### [Task brief]
Determine the number of lines in the following entries that hold the word "Cotter". Give only that number.
[Opening Data records section]
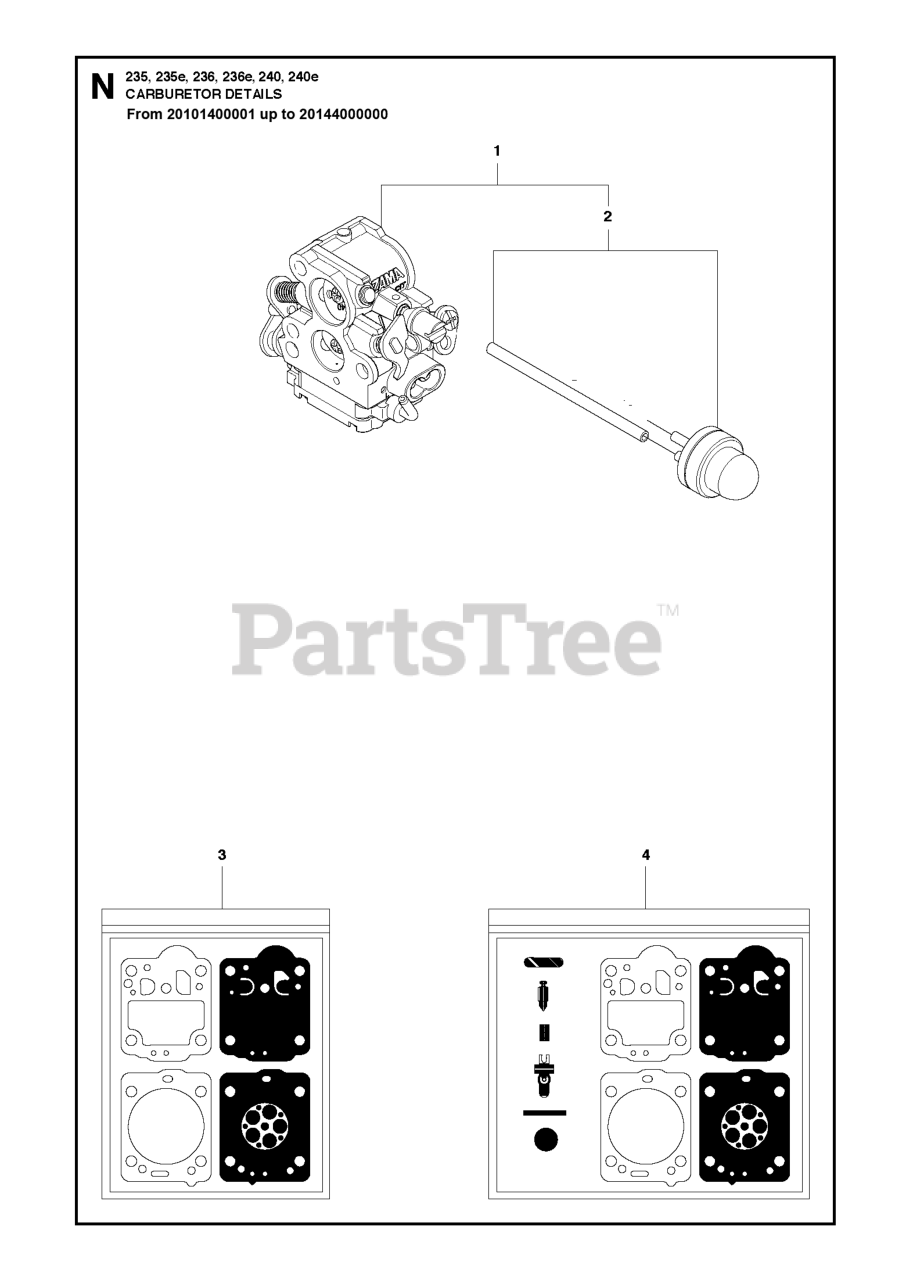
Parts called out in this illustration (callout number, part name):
1	CARBURETTOR 14MM AIR BORE, ANG
2	PURGE & LINE ASSY
3	KIT CARB GASKET
4	KIT CARB REPAIR
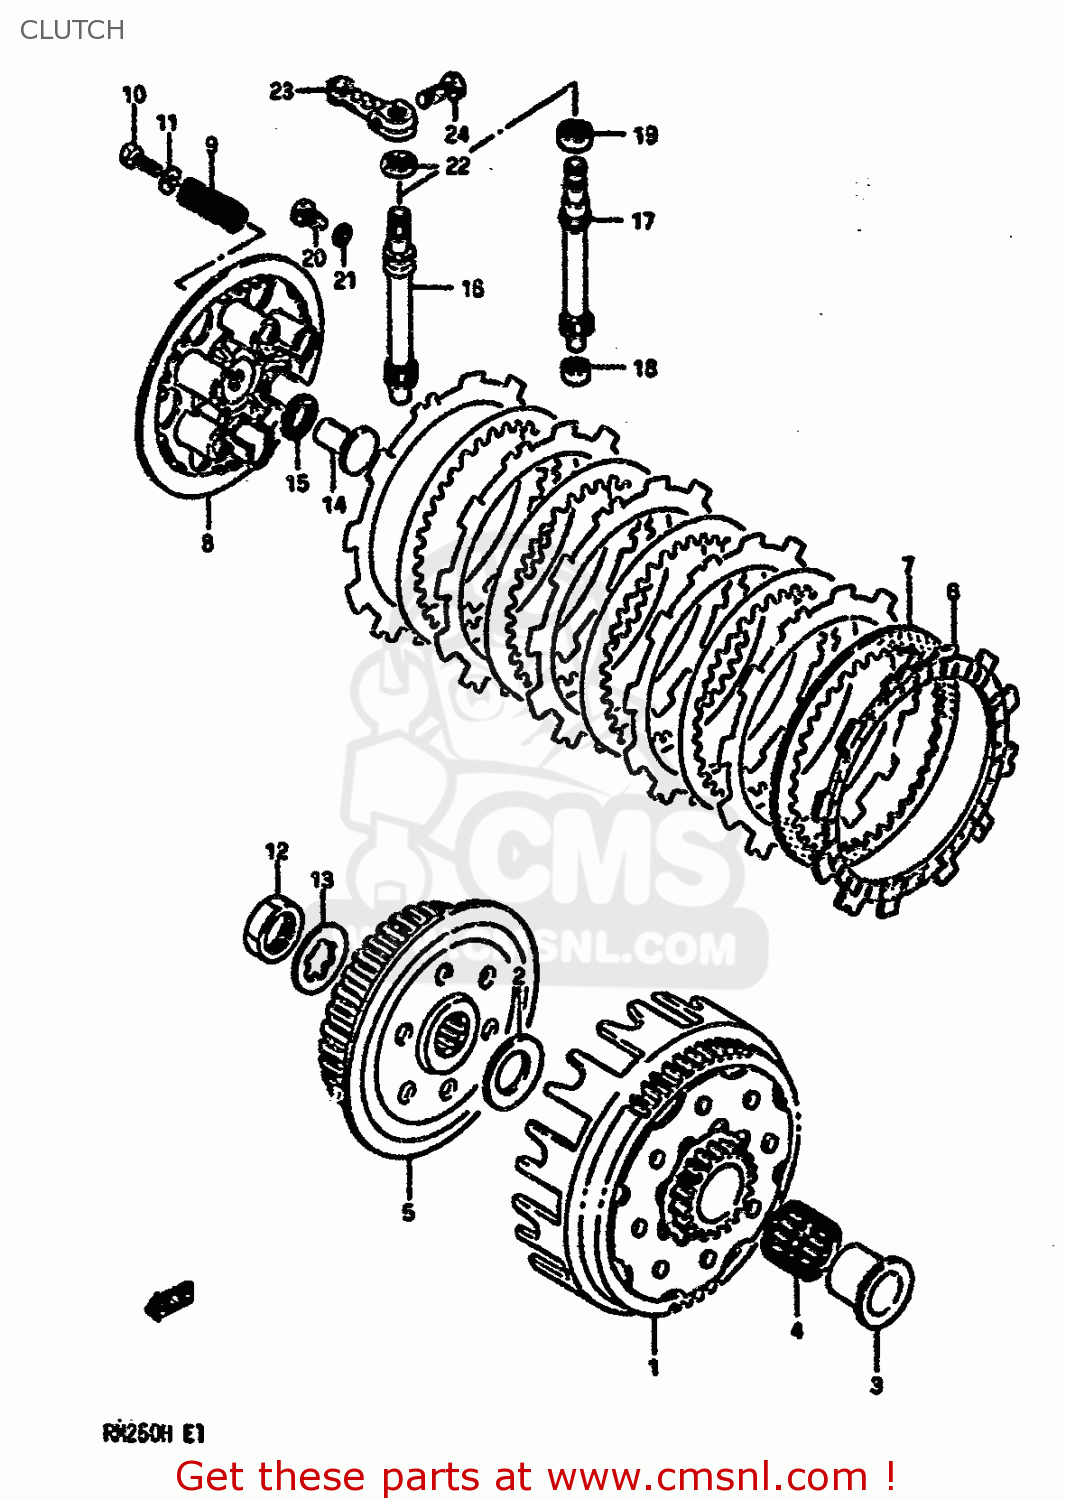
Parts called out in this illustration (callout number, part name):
1	GEAR ASSY,PRI DRIVEN
2	WASHER(20X36X2)
3	SPACER,PRIMARY DRIVEN
4	BEARING(25X30X22)
5	HUB,CLUTCH SLEEVE
6	PLATE,CLUTCH DRIVE
7	PLATE,CLUTCH DRIVEN (NAS)
8	DISC,CLUTCH PRESSURE
9	SPRING
10	BOLT(5X16)
11	WASHER (5.5X16X1.2)
12	NUT (20MM)
13	WASHER,LOCK
14	RACK,CLUTCH RELEASE
15	BEARING(10X22X2.8)
16	PINION,CLUTCH RELEASE
17	PINION,CLUTCH RELEASE(NT:12)
18	BEARING(9X13X10)
19	BEARING(12X16X10)
20	BOLT
21	GASKET(6.2X11X1).2 (NAS)
22	SEAL,OIL(10X17X5)
23	ARM,CLUTCH RELEASE
24	BOLT
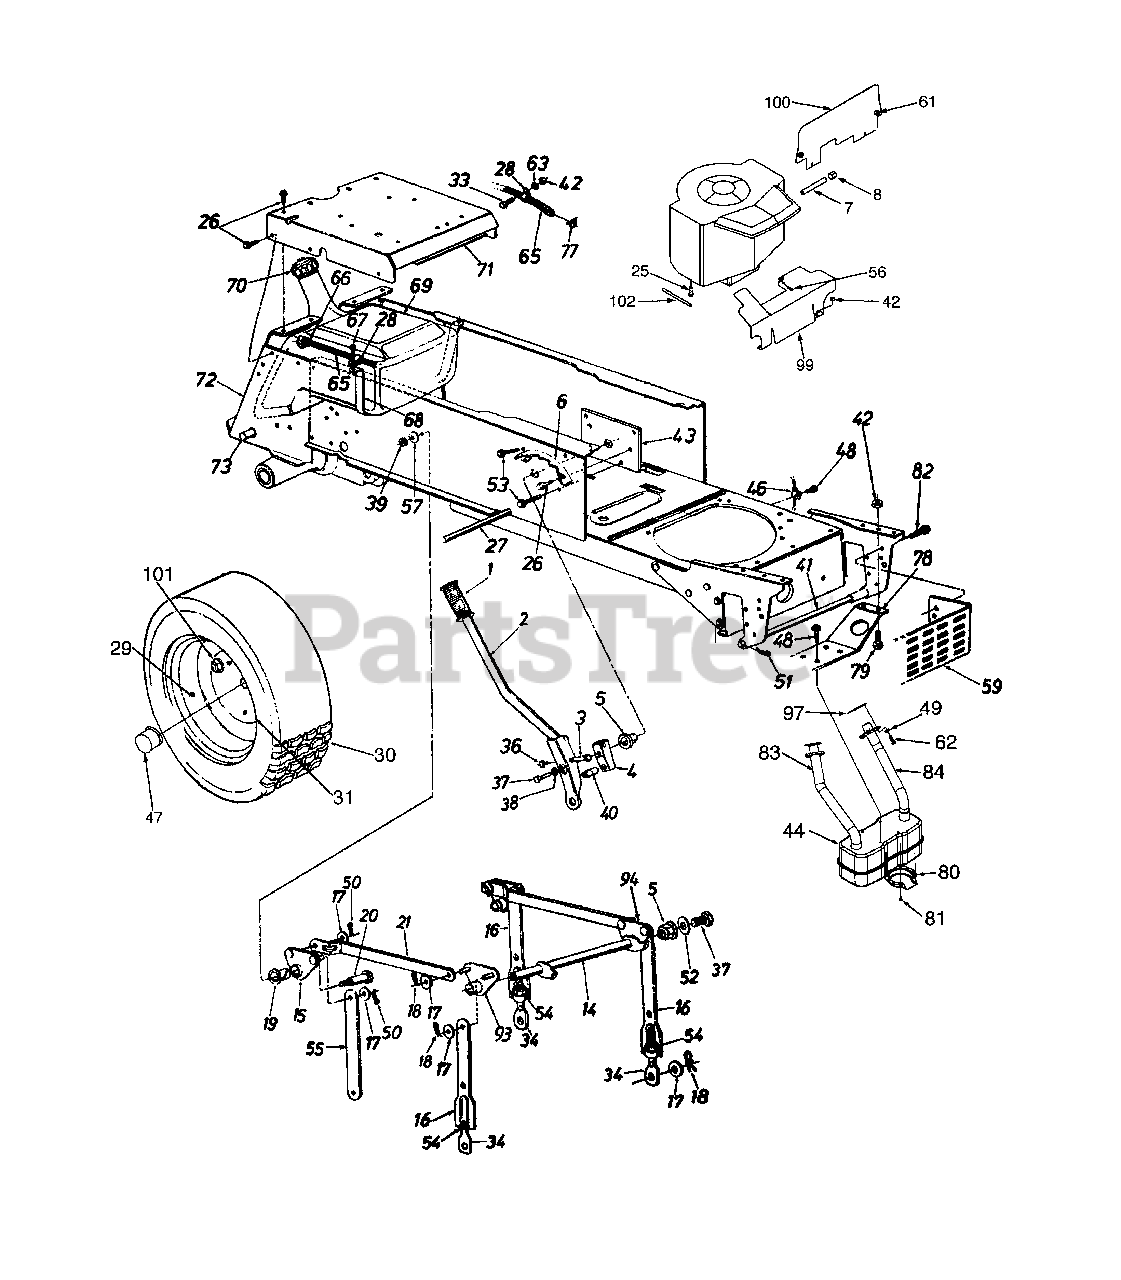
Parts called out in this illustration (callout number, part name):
1	Grip
4	Lift Shaft Drive
5	Plastic Hex Brg. 5/8" I.D.
8	Oil Drain Cap
14	Lift Shaft Ass'y.
15	Lift Pivot Brkt. Ass'y.
17	Fl-Wash. 1/2" I.D. x 1.00" O.D. x .090"
18	Hairpin Cotter
19	Flange Brg. .63" I.D.
20	Shld. Bolt 5/8" Dia. x .96" Lg. 3/8-16
26	Hex Thd. Rolling Scr. 5/16-18 x .75" Lg.
27	Running Board Rod
28	Clamp
29	Air Valve
33	Hex Bolt 1/4-20 x .62" Lg.
34	Eye Bolt Adj. Link 1/2-13 Thd.
36	Hex Cent. L-Nut 5/16-18 Thd.
37	Hex Bolt 5/16-24 x .62" Lg.
39	Hex Top L-Nut 3/8-16 Thd.
40	Compression Spring
41	Deck Connecting Rod
42	Hex Sems Nut 1/4-20 Thd.
46	Mounting Clamp
47	Hub Cap
48	Hex TT-Tap Scr. 1/4-20 x .5" Lg.
49	L-Wash. 5/16" I.D.
50	Cotter Pin .09 Dia. x 1.0" Lg.
51	Int. Cotter Pin
52	Flat Wash. .34" I.D. x 1.12" O.D. x .125"
53	Hex AB-Tap Scr. 5/16-24 x .5"
54	Hex Nut 1/2-13 Thd.
56	Hex Slot Scr. #10 x .44" Lg.
57	Bell-Wash. .4" I.D. x 1.13" O.D.
62	Hex Bolt 5/16-18 x .75" Lg.
63	L-Wash. 1/4" I.D.
65	Fuel Line 60" Lg.
66	Hose Clamp
67	Hex AB-Tap Scr. 1/4 x .62" Lg.
68	Fuel Tank Strap
69	Gas Tank
70	Gas Gauge
71	Seat Plate
77	Hose Clamp
78	Muffler Mounting Brkt.
79	Hex Bolt 1/4-20 x .62" Lg.
80	Muffler Deflector
81	Hex F-Tap Scr. #8 x .32" Lg.
82	Hex TT-Tap Scr. 5/16"-18 x .62"
83	Exhaust Tube-R.H.
84	Exhaust Tube-L.H.
93	Pivot Brkt. Ass'y.-R.H.
94	Pivot Brkt. Ass'y.-L.H.
97	Gasket
99	Lower Heat Shield
100	Upper Heat Shield
101	Lug Nut 7/16-14 Thd.
102	Trim Strip 10" Lg.
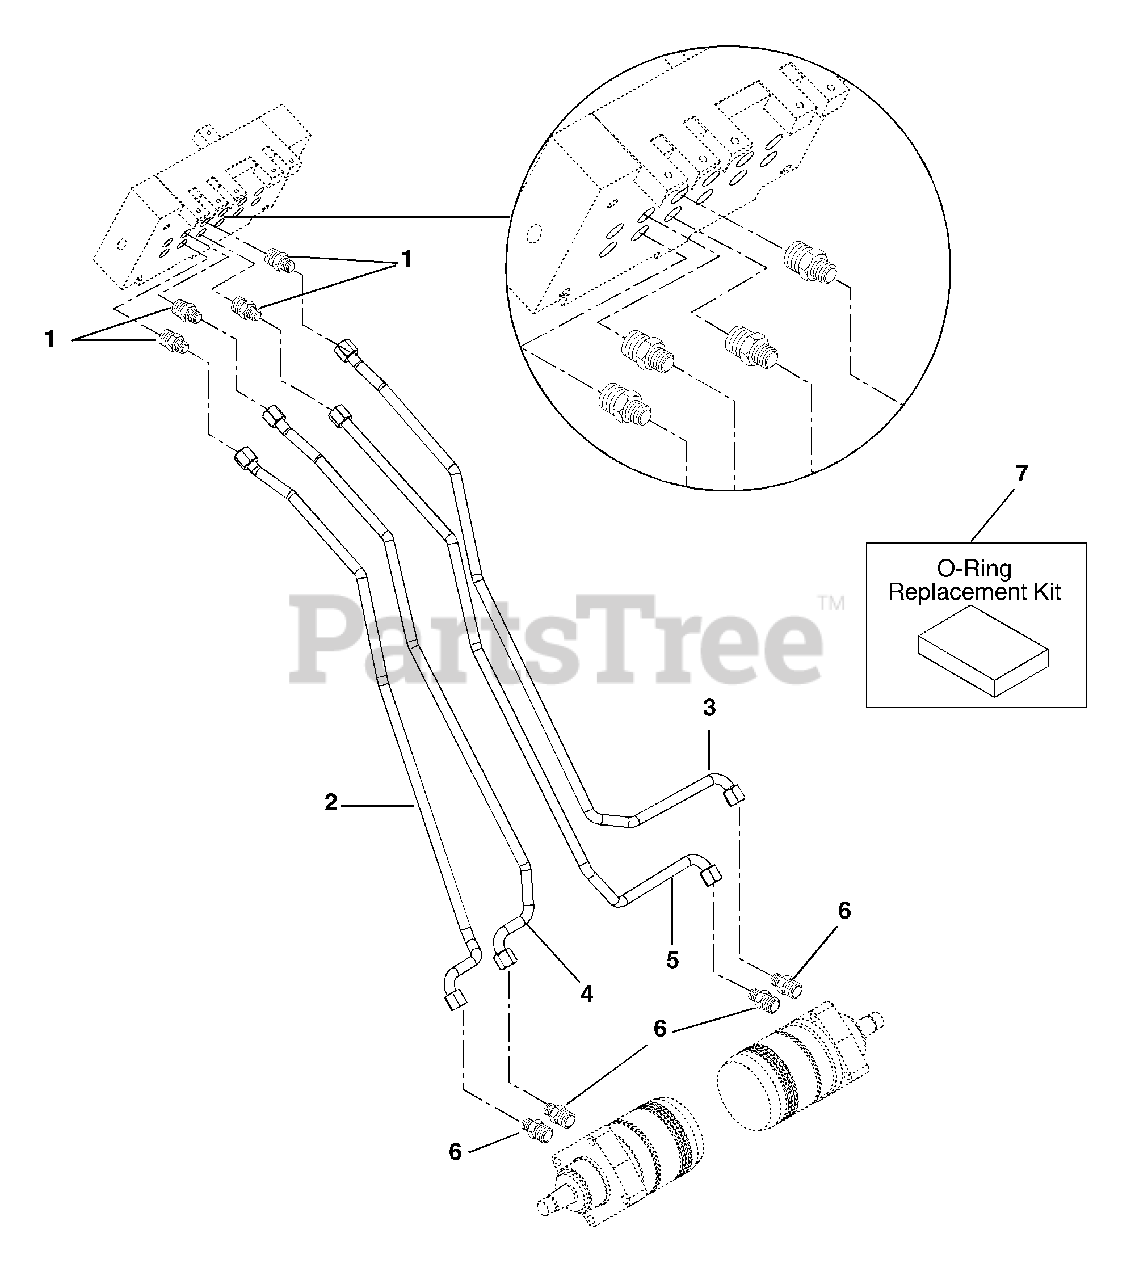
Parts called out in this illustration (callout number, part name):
1	Fitting, Hydraulic Straight
2	Tube, Right Hand Motor
3	Tube, Left Hand Motor
4	Tube, Right Hand Motor
5	Tube, Left Hand Motor
6	Fitting, Hydraulic Straight
7	Assorted O-Rings
[Closing Data records section]
### [Answer section]
3